到了三十分钟,黑皮有点慌,给身后两个人使了个眼色,三个人准备进去搜一遍。
沈明月出来了。
换了身衣服,把凹凸有致的身材勾勒,头发重新拢过,松松地搭在肩上,小脸一如既往的干净。
眉眼是水墨画里最浓的那几笔,漆黑,清亮,山是山,水是水,每一处都长得刚刚好,多一分则艳,少一分则寡。
不张扬,不浓烈,但看一眼就移不开。
那从骨子里渗出来漫不经心的慵懒,又带着点故意为之的勾引。
她知道自己是美的,并且知道该怎么用这份美。
正如此刻。
黑皮等人看得有点入迷地呆。
“啪。”
一个响指,脆生生的打在眼前,像冰裂,像珠落……像心跳。
“走呀。”
她笑说。
嘴角弯成一个很好看的弧度,眼睛如两道月牙,那月牙里面盛着光,盛着笑,盛着一点点狡黠促狭和明知故犯的坏,无边潋滟。

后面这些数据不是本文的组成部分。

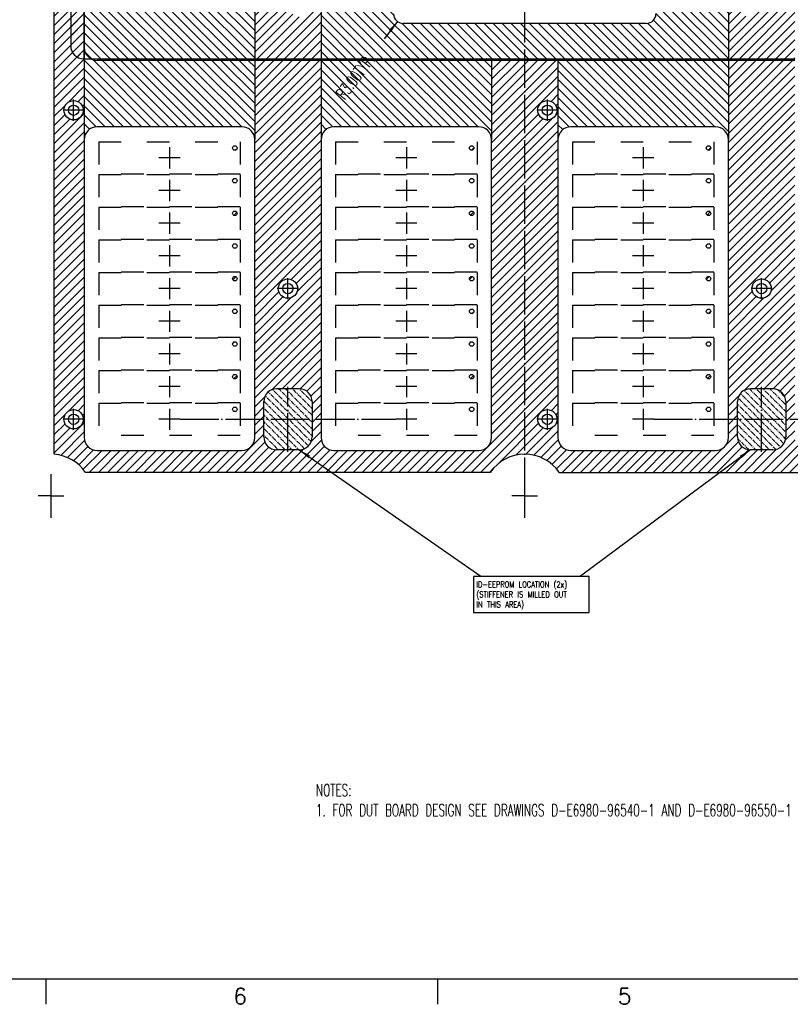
# Model space of a CAD drawing. Extents: x -401 to 590, y -380 to 320.
# Tile 2 of 54: x -157 to 83, y -380 to -74. Entities that reach past the tile are written whole.
import ezdxf

# ---------------------------------------------------------------- set-up
doc = ezdxf.new("R2010")
doc.units = 0
doc.linetypes.add('DASHED', pattern=[15, 7, -8])
doc.linetypes.add('DOT_CENTER', pattern=[14, 12, -1, 0, -1])
doc.layers.get('0').update_dxf_attribs({"linetype": 'CONTINUOUS'})
doc.layers.add('1', color=7, linetype='CONTINUOUS')
doc.styles.add('CONVERTER_11', font='txt.shx', dxfattribs={"width": 0.63})
doc.styles.add('CONVERTER_2', font='txt.shx', dxfattribs={"width": 0.81})
doc.styles.add('CONVERTER_6', font='txt.shx', dxfattribs={"width": 0.97875})
doc.dimstyles.get("Standard").update_dxf_attribs({"dimtxt": 0.18, "dimasz": 0.18, "dimexe": 0.18, "dimexo": 0.0625, "dimgap": 0.09, "dimtad": 0, "dimtih": 1, "dimtoh": 1, "dimdec": 4, "dimzin": 0, "dimtxsty": 'STANDARD', "dimcen": 0.09, "dimazin": 3, "dimtfac": 1, "dimtdec": 4, "dimtofl": 0, "dimtmove": 0, "dimatfit": 3, "dimtolj": 1, "dimtzin": 0})
pattern_1 = [(135, (0, 0), (-1.06066, -1.06066), [1.25, -0.25, 0.25, -0.25])]
pattern_2 = [(135, (0, 0), (-1.414214, -1.414214), [])]
pattern_3 = [(45, (0, 0), (-1.414214, 1.414214), [])]
pattern_4 = [(45, (-3.5074, -602.0676), (-1.4142136, 1.4142136), [])]

# ---------------------------------------------------------------- blocks, each defined once
blk = doc.blocks.new('ATA1_S', base_point=(-314.07, -297.7))
at = {"layer": '1', "color": 7, "linetype": 'CONTINUOUS'}
blk.add_line((-314.07, -297.7), (465.49, -297.7), dxfattribs=at)
at = {"layer": '1', "color": 1, "linetype": 'CONTINUOUS'}
for p, q in [((-119.18, -297.7), (-119.18, -304.05)), ((-21.73, -297.7), (-21.73, -304.05))]:
    blk.add_line(p, q, dxfattribs=at)
at = {"layer": '1', "color": 7, "char_height": 4, "attachment_point": 8, "style": 'CONVERTER_6'}
for s, insert in [('6', (-70.83, -304.05)), ('5', (24.86, -304.05))]:
    blk.add_mtext(s, dxfattribs=dict(at, insert=insert))
blk = doc.blocks.new('PLATE_24160__190', base_point=(-143.7, -98.4))
at = {"layer": '1', "linetype": 'CONTINUOUS'}
h = blk.add_hatch(dxfattribs=at)
h.set_pattern_fill('USER', color=1, scale=2, angle=45, pattern_type=0)
h.set_pattern_definition(pattern_3)
edge = h.paths.add_edge_path()
edge.add_arc((-137.2, -21), 4, 90, 180)
edge.add_line((-141.2, -21), (-141.2, -82))
edge.add_arc((-137.2, -82), 4, 180, -90)
edge.add_line((-137.2, -86), (-136.99, -86))
edge.add_line((-136.99, -86), (-136.99, -57))
edge.add_line((-136.99, -57), (-136.99, -26.5))
edge.add_arc((-132.49, -26.5), 4.5, 450, 540, ccw=False)
edge.add_line((-132.49, -22), (-131.2, -22))
edge.add_arc((-131.2, -18), 4, -90, 0)
edge.add_line((-127.2, -18), (-127.2, 18))
edge.add_arc((-131.2, 18), 4, 0, 90)
edge.add_line((-131.2, 22), (-132.49, 22))
edge.add_arc((-132.49, 26.5), 4.5, 540, 270, ccw=False)
edge.add_line((-136.99, 26.5), (-136.99, 57))
edge.add_line((-136.99, 57), (-136.99, 86))
edge.add_line((-136.99, 86), (-137.2, 86))
edge.add_arc((-137.2, 82), 4, 90, 180)
edge.add_line((-141.2, 82), (-141.2, 21))
edge.add_arc((-137.2, 21), 4, 180, -90)
edge.add_line((-137.2, 17), (-136.7, 17))
edge.add_arc((-136.7, 12.5), 4.5, 360, 450, ccw=False)
edge.add_line((-132.2, 12.5), (-132.2, -12.5))
edge.add_arc((-136.7, -12.5), 4.5, 270, 360, ccw=False)
edge.add_line((-136.7, -17), (-137.2, -17))
h = blk.add_hatch(dxfattribs=at)
h.set_pattern_fill('USER', color=6, scale=2, angle=135, pattern_type=0)
h.set_pattern_definition(pattern_2)
edge = h.paths.add_edge_path()
edge.add_line((-83.99, -60), (-133.99, -60))
edge.add_arc((-133.99, -57), 3, 540, 270, ccw=False)
edge.add_line((-136.99, -57), (-136.99, -86))
edge.add_line((-136.99, -86), (-83.99, -86))
edge.add_line((-83.99, -86), (-83.99, -60))
h = blk.add_hatch(dxfattribs=at)
h.set_pattern_fill('USER', color=1, scale=2, angle=45, pattern_type=0)
h.set_pattern_definition(pattern_3)
h.paths.add_polyline_path([(-63.33, -60), (-83.99, -60), (-83.99, -86), (-63.33, -86)])
edge = h.paths.add_edge_path(flags=16)
edge.add_arc((-70, -70), 3, 0, 360)
h = blk.add_hatch(dxfattribs=at)
h.set_pattern_fill('USER', color=6, scale=2, angle=135, pattern_type=0)
h.set_pattern_definition(pattern_2)
edge = h.paths.add_edge_path()
edge.add_line((-41.8, -60), (-63.33, -60))
edge.add_line((-63.33, -60), (-63.33, -86))
edge.add_line((-63.33, -86), (63.33, -86))
edge.add_line((63.33, -86), (63.33, -60))
edge.add_line((63.33, -60), (41.8, -60))
edge.add_line((41.8, -60), (40.8, -61))
edge.add_line((40.8, -61), (40.8, -72))
edge.add_arc((37.8, -72), 3, 270, 360, ccw=False)
edge.add_line((37.8, -75), (-37.8, -75))
edge.add_arc((-37.8, -72), 3, 540, 270, ccw=False)
edge.add_line((-40.8, -72), (-40.8, -61))
edge.add_line((-40.8, -61), (-41.8, -60))
h = blk.add_hatch(dxfattribs=at)
h.set_pattern_fill('USER', color=1, scale=2, angle=45, pattern_type=0)
h.set_pattern_definition(pattern_3)
h.paths.add_polyline_path([(83.99, -60), (63.33, -60), (63.33, -86), (83.99, -86)])
edge = h.paths.add_edge_path(flags=16)
edge.add_arc((70, -70), 3, 540, 360, ccw=False)
edge.add_arc((70, -70), 3, 360, 540, ccw=False)
at = {"color": 1, "linetype": 'CONTINUOUS'}
for p, q in [((-141.2, -21), (-141.2, -82)), ((-136.99, -86), (-136.99, -57)), ((-83.99, -60), (-83.99, -86)), ((-63.33, -60), (-63.33, -86)), ((63.33, -60), (63.33, -86)), ((37.8, -75), (-37.8, -75)), ((-137.2, -86), (-136.99, -86)), ((-136.99, -86), (-83.99, -86)), ((-83.99, -86), (-63.33, -86)), ((-63.33, -86), (63.33, -86)), ((63.33, -86), (83.99, -86))]:
    blk.add_line(p, q, dxfattribs=at)
for centre, radius, start, end in [((-37.8, -72), 3, 180, -90), ((37.8, -72), 3, -90, 0), ((-137.2, -82), 4, 180, -90)]:
    blk.add_arc(centre, radius, start, end, dxfattribs=at)
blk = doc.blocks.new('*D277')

她歪了一下头,动作很快,快到像是不经意的,可就是那一下,头发从肩上滑下来一缕,落在锁骨上,黑与白,分明的,很晃眼。
黑皮脑子空了一瞬。
很挠人。
似有人用一根羽毛尖,轻轻扫过心口最软的那块肉,一下,又一下,不重,但痒,痒得人心里发慌,痒得人想伸手去抓,又不知道该抓哪里。
他移开目光,干咳了一声,嗓子有点发紧。
“这边。”
往车辆方向走的时候,黑皮回看了身后两人一眼。
比他还不堪。
有几步路走得很别扭,手不知何时揣进裤兜里,动了动。
重新摆个位置。
嗯,不是那么明显了。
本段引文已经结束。